ASIF KHAN | 8 FEBRUARY, 2021
‘He Was My First Coach.’ Football Star Khalid Qayoom Mourns Father’s Passing
A footballer in his time, Abdul Qayoom was first to believe in his son’s abilities
The sky in Srinagar had grown dark. A curious young man with a light beard, probably in his early thirties, was ready to bid farewell to his passionately beloved sport. What had shot his way to success was now his most hated thing.
Sitting beside his father’s resting place in the numbing cold, he stirs up the memory of the past to see his father alive one more time in his imagination, saving him from a crowdbeating, as fans in the turbulent Polo Ground went spiralling out of control during a match.
Soon he is brought back by the flight of the pigeons eating corn scattered near his father’s grave. His great father passed away the day before, while he was stuck at the Delhi airport due to bad weather, following the I-league football matches.
“Daaida!” he was constantly calling his father by the name they were used to.
He tries hiding his tears behind his mask. His feet feel like concrete and his back as though put through a shredder, seated against a pillar by the iron fence of the graveyard. Surrounded by air despondent, his eyes remain glued to his father’s resting place.
The snow had carpeted the entire graveyard except the grave, which was canopied by a movable iron shed to protect it from the snow. It suddenly became too much for him. Struggling to breathe, he threw away his mask, shivered, and asked his repeated question:
“Ba kemisu trovthass che, Daaida!?” In whose custody did you leave me, Dad!?
After all, his father had invested himself as an equal in his son’s dreams, striving to make them true.

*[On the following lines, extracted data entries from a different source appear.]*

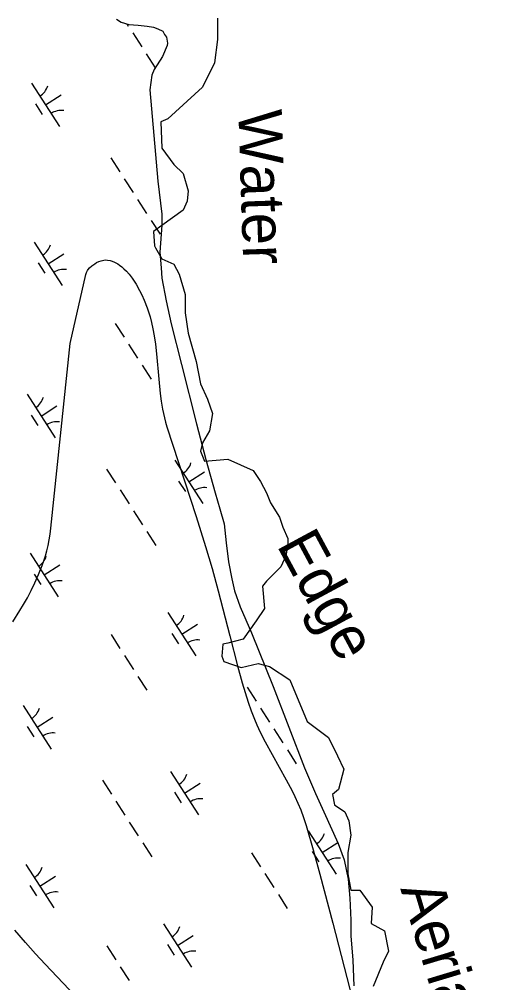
# Model space of a CAD drawing. Extents: x 3937982 to 3958556, y 219448 to 241894.
# Drawn here: x 3947936 to 3948387, y 229125 to 230057 of the extents above; entities that cross this region are included whole.
import ezdxf

# ---------------------------------------------------------------- set-up
doc = ezdxf.new("R2010")
doc.units = 0
for name, color, linetype in [('V-RIVR-EDGE', 7, 'Continuous'), ('V-RIVR-IDEN', 7, 'Continuous'), ('V-SITE-VEGE', 7, 'Continuous'), ('V-WETL-SWMP', 7, 'Continuous')]:
    doc.layers.add(name, color=color, linetype=linetype)

msp = doc.modelspace()

# ---------------------------------------------------------------- linework, layer by layer
at = {"layer": 'V-RIVR-EDGE'}
msp.add_lwpolyline([(3948127.892, 230057.732), (3948127.892, 230037.092), (3948124.944, 230014.485), (3948113.149, 229990.895), (3948079.73, 229960.426), (3948072.85, 229957.477), (3948073.833, 229931.922), (3948085.628, 229916.195), (3948094.474, 229907.349), (3948099.388, 229890.64), (3948098.405, 229880.811), (3948094.474, 229871.965), (3948073.833, 229857.222), (3948065.97, 229851.324), (3948066.953, 229837.564), (3948067.936, 229835.598), (3948073.833, 229824.786), (3948085.628, 229819.872), (3948090.542, 229810.043), (3948096.44, 229790.385), (3948096.44, 229772.693), (3948099.388, 229753.035), (3948107.251, 229725.514), (3948111.183, 229703.89), (3948118.063, 229689.146), (3948122.978, 229675.386), (3948120.029, 229658.677), (3948113.149, 229646.882), (3948111.183, 229639.019), (3948115.115, 229629.19), (3948137.721, 229631.156), (3948162.294, 229620.344), (3948169.174, 229609.532), (3948175.071, 229598.72), (3948179.003, 229588.891), (3948187.849, 229575.13), (3948190.798, 229565.302), (3948195.712, 229554.49), (3948195.712, 229548.592), (3948193.746, 229537.78), (3948188.832, 229526.969), (3948175.071, 229513.208), (3948171.14, 229508.294), (3948173.105, 229486.67), (3948165.242, 229474.875), (3948152.465, 229457.183), (3948137.721, 229453.251), (3948132.807, 229452.268), (3948131.824, 229440.474), (3948133.79, 229435.559), (3948150.499, 229429.662), (3948167.208, 229433.593), (3948178.02, 229430.645), (3948197.678, 229417.867), (3948214.387, 229377.568), (3948235.028, 229361.842), (3948243.874, 229344.15), (3948249.771, 229331.372), (3948244.857, 229311.714), (3948238.959, 229306.8), (3948240.925, 229296.971), (3948250.754, 229290.091), (3948254.686, 229281.245), (3948256.652, 229267.484), (3948253.703, 229250.775), (3948253.703, 229230.134), (3948256.652, 229214.408), (3948265.498, 229214.408), (3948277.292, 229197.698), (3948276.309, 229181.972), (3948289.087, 229175.092), (3948293.019, 229155.434), (3948288.104, 229144.622), (3948278.275, 229121.033)], dxfattribs=at)
at = {"layer": 'V-SITE-VEGE'}
for points in [[(3947951.202, 229511.544), (3947954.778, 229519.604), (3947958.182, 229528.323), (3947959.758, 229532.871), (3947961.247, 229537.602), (3947962.636, 229542.528), (3947963.895, 229547.654), (3947965.008, 229552.991), (3947965.945, 229558.559), (3947966.677, 229564.361), (3947985.369, 229743.168), (3948000.321, 229809.784), (3948000.96, 229811.727), (3948001.951, 229813.583), (3948002.785, 229814.764), (3948004.073, 229816.257), (3948006.058, 229818.092), (3948009.031, 229820.21), (3948010.829, 229821.232), (3948012.91, 229822.215), (3948015.251, 229823.069), (3948017.776, 229823.667), (3948019.013, 229823.806), (3948021.493, 229823.741), (3948024.057, 229823.247), (3948025.802, 229822.7), (3948028.147, 229821.715), (3948031.281, 229819.985), (3948033.056, 229818.801), (3948035.059, 229817.289), (3948037.296, 229815.372), (3948039.757, 229812.962), (3948042.414, 229809.964), (3948045.183, 229806.277), (3948049.047, 229800.275), (3948052.459, 229794.254), (3948054.495, 229790.231), (3948056.932, 229784.857), (3948059.728, 229777.677), (3948061.112, 229773.569), (3948062.519, 229768.869), (3948063.92, 229763.491), (3948065.278, 229757.338), (3948066.556, 229750.303), (3948067.719, 229742.261), (3948068.757, 229733.072), (3948070.862, 229708.629), (3948072.263, 229694.737), (3948073.252, 229687.362), (3948074.58, 229679.525), (3948076.392, 229671.206), (3948077.514, 229666.929), (3948078.827, 229662.53), (3948107.081, 229575.814), (3948116.209, 229546.831), (3948119.425, 229536.095), (3948122.509, 229525.32), (3948128.383, 229503.671), (3948139.563, 229460.188), (3948147.163, 229431.241), (3948151.748, 229414.78), (3948157.331, 229396.071), (3948160.176, 229387.758), (3948163.428, 229379.601), (3948165.795, 229374.239), (3948169.156, 229367.168), (3948173.93, 229357.851), (3948194.291, 229321.071), (3948199.827, 229310.457), (3948202.619, 229304.732), (3948205.435, 229298.568), (3948208.222, 229291.91), (3948210.911, 229284.701), (3948213.407, 229276.867), (3948220.104, 229253.303), (3948226.621, 229229.692), (3948239.235, 229182.356), (3948258.267, 229108.575)], [(3947929.659, 229473.676), (3947936.669, 229484.745), (3947940.231, 229490.719), (3947943.866, 229497.148), (3947947.538, 229504.074), (3947951.202, 229511.544)], [(3948007.966, 229093.315), (3947961.088, 229142.615), (3947951.734, 229152.722), (3947941.902, 229163.627), (3947931.635, 229175.442)]]:
    msp.add_lwpolyline(points, dxfattribs=at)
at = {"layer": 'V-WETL-SWMP'}
for p, q in [((3948030.207, 230056.64), (3948034.43, 230053.886)), ((3948034.43, 230053.886), (3948042.144, 230051.633)), ((3948040.128, 230052.222), (3948041.499, 230050.092)), ((3948042.144, 230051.633), (3948051.009, 230050.79)), ((3948051.009, 230050.79), (3948059.64, 230049.946)), ((3948059.64, 230049.946), (3948065.709, 230049.075)), ((3948065.709, 230049.075), (3948070.153, 230047.488)), ((3948070.153, 230047.488), (3948074.84, 230044.972)), ((3948045.829, 230043.365), (3948054.489, 230029.911)), ((3948074.84, 230044.972), (3948076.502, 230041.959)), ((3948076.502, 230041.959), (3948078.394, 230039.182)), ((3948078.394, 230039.182), (3948079.383, 230033.598)), ((3948078.941, 230031.263), (3948074.386, 230020.729)), ((3948079.383, 230033.598), (3948078.941, 230031.263)), ((3948058.819, 230023.184), (3948067.446, 230009.781)), ((3948074.386, 230020.729), (3948066.357, 230008.062)), ((3948064.081, 230002.679), (3948062.361, 229988.445)), ((3948066.357, 230008.062), (3948064.081, 230002.679)), ((3947947.838, 229994.913), (3947974.9, 229952.87)), ((3947961.369, 229973.892), (3947976.505, 229983.634)), ((3948062.361, 229988.445), (3948070.013, 229900.192)), ((3947951.634, 229974.761), (3947958.129, 229964.671)), ((3948024.539, 229922.628), (3948033.199, 229909.174)), ((3948037.529, 229902.448), (3948046.189, 229888.994)), ((3948070.013, 229900.192), (3948073.834, 229868.068)), ((3948050.519, 229882.267), (3948059.178, 229868.813)), ((3948063.508, 229862.086), (3948072.168, 229848.632)), ((3948073.834, 229868.068), (3948073.94, 229857.581)), ((3948073.94, 229857.581), (3948072.109, 229831.227)), ((3947950.536, 229841.194), (3947977.599, 229799.151)), ((3947964.068, 229820.172), (3947979.203, 229829.915)), ((3948072.109, 229831.227), (3948073.195, 229816.089)), ((3947954.332, 229821.041), (3947960.827, 229810.951)), ((3948073.195, 229816.089), (3948073.762, 229806.073)), ((3948073.762, 229806.073), (3948078.176, 229784.443)), ((3948078.176, 229784.443), (3948083.063, 229762.118)), ((3948028.8, 229762.498), (3948037.46, 229749.044)), ((3948083.063, 229762.118), (3948092.784, 229722.829)), ((3948041.79, 229742.317), (3948050.449, 229728.863)), ((3948054.779, 229722.137), (3948063.439, 229708.683)), ((3948092.784, 229722.829), (3948107.584, 229665.18)), ((3947943.798, 229693.866), (3947970.861, 229651.822)), ((3947957.33, 229672.844), (3947972.465, 229682.586)), ((3947947.594, 229673.713), (3947954.089, 229663.623)), ((3948107.584, 229665.18), (3948116.556, 229630.777)), ((3948086.364, 229630.175), (3948113.427, 229588.132)), ((3948116.556, 229630.777), (3948125.506, 229598.472)), ((3948020.499, 229621.581), (3948029.159, 229608.127)), ((3948099.895, 229609.154), (3948115.031, 229618.896)), ((3948090.16, 229610.023), (3948096.655, 229599.933)), ((3948033.489, 229601.4), (3948042.149, 229587.946)), ((3948125.506, 229598.472), (3948130.089, 229583.137)), ((3948046.479, 229581.219), (3948055.139, 229567.765)), ((3948130.089, 229583.137), (3948134.199, 229568.495)), ((3948134.199, 229568.495), (3948136.25, 229550.104)), ((3948059.469, 229561.038), (3948068.129, 229547.584)), ((3948136.25, 229550.104), (3948138.534, 229531.715)), ((3947946.497, 229540.146), (3947973.559, 229498.103)), ((3947960.028, 229519.124), (3947975.164, 229528.867)), ((3948138.534, 229531.715), (3948141.495, 229515.431)), ((3947950.293, 229519.994), (3947956.788, 229509.903)), ((3948141.495, 229515.431), (3948144.177, 229503.805)), ((3948144.177, 229503.805), (3948149.692, 229488.479)), ((3948149.692, 229488.479), (3948160.669, 229463.186)), ((3948079.626, 229482.847), (3948106.689, 229440.804)), ((3948093.157, 229461.826), (3948108.293, 229471.568)), ((3948024.76, 229461.45), (3948033.42, 229447.996)), ((3948083.422, 229462.695), (3948089.917, 229452.605)), ((3948160.669, 229463.186), (3948181.472, 229411.191)), ((3948037.75, 229441.27), (3948046.41, 229427.816)), ((3948050.74, 229421.089), (3948059.4, 229407.635)), ((3948156.327, 229410.562), (3948164.987, 229397.108)), ((3948181.472, 229411.191), (3948211.865, 229332.724)), ((3947939.759, 229392.818), (3947966.821, 229350.775)), ((3948169.317, 229390.382), (3948177.977, 229376.928)), ((3947953.29, 229371.796), (3947968.426, 229381.539)), ((3947943.555, 229372.665), (3947950.05, 229362.575)), ((3948182.307, 229370.201), (3948190.967, 229356.747)), ((3948195.297, 229350.02), (3948203.957, 229336.566)), ((3948211.865, 229332.724), (3948222.371, 229307.893)), ((3948016.46, 229320.533), (3948025.12, 229307.079)), ((3948082.325, 229329.128), (3948109.387, 229287.084)), ((3948095.856, 229308.106), (3948110.992, 229317.849)), ((3948086.121, 229308.975), (3948092.616, 229298.885)), ((3948222.371, 229307.893), (3948230.476, 229290.029)), ((3948029.45, 229300.352), (3948038.11, 229286.898)), ((3948230.476, 229290.029), (3948244.537, 229259.407)), ((3948042.44, 229280.171), (3948051.1, 229266.717)), ((3948215.454, 229271.829), (3948242.516, 229229.786)), ((3948055.43, 229259.991), (3948064.09, 229246.537)), ((3948228.985, 229250.808), (3948244.037, 229260.496)), ((3948244.537, 229259.407), (3948250.29, 229243.617)), ((3948160.588, 229250.432), (3948169.248, 229236.978)), ((3948219.25, 229251.677), (3948225.745, 229241.586)), ((3947942.458, 229239.098), (3947969.52, 229197.055)), ((3948250.29, 229243.617), (3948254.21, 229224.779)), ((3947955.989, 229218.077), (3947971.124, 229227.819)), ((3948173.578, 229230.251), (3948182.238, 229216.797)), ((3947946.254, 229218.946), (3947952.749, 229208.855)), ((3948254.21, 229224.779), (3948255.559, 229206.614)), ((3948186.568, 229210.071), (3948195.228, 229196.617)), ((3948255.559, 229206.614), (3948256.706, 229185.416)), ((3948075.587, 229181.8), (3948102.649, 229139.756)), ((3948256.706, 229185.416), (3948256.628, 229170.034)), ((3948079.383, 229161.647), (3948085.878, 229151.557)), ((3948089.118, 229160.778), (3948104.254, 229170.52)), ((3948256.628, 229170.034), (3948258.731, 229146.516)), ((3948020.721, 229160.403), (3948029.381, 229146.949)), ((3948258.731, 229146.516), (3948259.682, 229121.588)), ((3948033.711, 229140.222), (3948042.371, 229126.768))]:
    msp.add_line(p, q, dxfattribs=at)
for centre, start, end in [((3947946.619, 229997.246), 301.99668, 343.540338), ((3947976.519, 229950.794), 81.996677, 123.540335), ((3947949.317, 229843.527), 301.99668, 343.540338), ((3947979.217, 229797.075), 81.996677, 123.540335), ((3947942.579, 229696.198), 301.99668, 343.540338), ((3947972.479, 229649.747), 81.996677, 123.540335), ((3948085.145, 229632.508), 301.99668, 343.540338), ((3948115.045, 229586.056), 81.996677, 123.540335), ((3947945.278, 229542.479), 301.99668, 343.540338), ((3947975.178, 229496.027), 81.996677, 123.540335), ((3948078.407, 229485.18), 301.99668, 343.540338), ((3948108.307, 229438.728), 81.996677, 123.540335), ((3947938.54, 229395.151), 301.99668, 343.540338), ((3947968.44, 229348.699), 81.996677, 123.540335), ((3948081.106, 229331.46), 301.99668, 343.540338), ((3948111.006, 229285.009), 81.996677, 123.540335), ((3948214.235, 229274.162), 301.99668, 343.540338), ((3948244.135, 229227.71), 81.996677, 123.540335), ((3947941.238, 229241.431), 301.99668, 343.540338), ((3947971.138, 229194.979), 81.996677, 123.540335), ((3948074.368, 229184.132), 301.99668, 343.540338), ((3948104.268, 229137.681), 81.996677, 123.540335)]:
    msp.add_arc(centre, 17.623, start, end, dxfattribs=at)

# ---------------------------------------------------------------- texts
at = {"layer": 'V-RIVR-IDEN'}
for s, rotation, p in [('Water', 271.831635, (3948147.873, 229968.764)), ('Edge', 298.355344, (3948184.466, 229548.176)), ('Aerial', 286.777012, (3948304.423, 229215.757))]:
    msp.add_text(s, height=41.9999, rotation=rotation, dxfattribs=at).set_placement(p)

doc.saveas('drawing.dxf')

A celebrated footballer of Kashmir who has represented almost all the leading football clubs of the valley, Khalid Qayoom is one of the most influential and successful players in the modern-day football era of Kashmir.
The young midfielder dashed off the field midway when he heard the news. A blanket of sorrow was spread across their locality in the Old City of Srinagar. People, both men and women, rushed to Khalid’s home convulsed with sobs. They cried their eyes out at the funeral and were seen consoling each other.
“My heart sank when I heard about the unfortunate incident. He was a true gentleman and a pious person, always ready to help anyone,” says Altaf Ahmad, one of Khalid’s neighbours, with a deep sigh.
Khalid and his father were like two peas in a pod. People would always find his father, Abdul Qayoom, by his side during matches. The talented footballer son, who had impressed everyone with his skills and passion for football, was recently featured in the Real Kashmir FC team for the ongoing football I-league.
“He is brilliant with his game without a doubt,” says Adnan, a fellow mate playing for Real Kashmir.
Currently skipper of the Principal Accountant General Office football team, Khalid is only just touching new heights in the football arena. Behind his enormous success over the years are the struggles of a stubborn father, who bent over backwards to help his son.
Khalid would always feel his father’s pat on his back, motivating him through the thick and thin of his struggling life as an aspiring footballer. He would often pick and drop him in his initial days of training. He would reach out to his coaches to get feedback from them.
Abdul Qayoom, 53, wasn’t just a successful father but Khalid’s first mentor, who would critically assess his game and provide him with an outsider’s view of his performances.
A footballer in his time, Abdul Qayoom was first to believe in his son’s abilities and always remained deaf to the voices rising to say that by pursuing football his son was doing nothing but building castles in the air.
He believed in burning the candle at both ends, and Khalid was taught that from very early in his childhood. “He was my first coach. I achieved everything through his guidance,” he says in tears.
Khalid’s great father had a keen eye for the game, yes, but his suggestions held equal importance outside in society’s affairs, where his advice was often sought to mediate between parties in conflict. A true philanthropist, a God-conscious person who always tried to do better for his people, he never believed in ad hockery, and disliked dishonesty and fraud.
“He never declined whenever we asked him for help in any matter,” says N— while recalling incidents from the past. Her brother Abdul Qayoom would visit her on Fridays.
“He didn’t come the past two Fridays but I am still waiting for him,” she says as her sister consoles her.
Khalid’s father had been taking care of many families like a brother or father, and it seems that with his demise many families have turned orphan. And the fables shared about Abdul Qayoom speak volumes about his character. He was a hero in a real sense. Khalid may owe every inch of his success to his late father, a feat that may not put him in the books of the world… but his contribution remains stamped and preserved in the hearts of people.
Khalid is trying to make peace with the unfortunate circumstances. He feels that the football field only adds salt to his wide open wounds. “I don’t see my father there now,” he says in a rush of emotions.
But he adds that by playing football he is living his and his father’s dream, so he must continue to shine for his father’s sake and add many more laurels to his name.
“He wanted me to be a successful footballer so stepping down isn’t an option,” he says.
Asked of his plans to rejoin the I-League, Khalid Qayoom remains silent. The entire football fraternity extends condolences to his family. May the sportsman lace up his shoes and rule the field once again.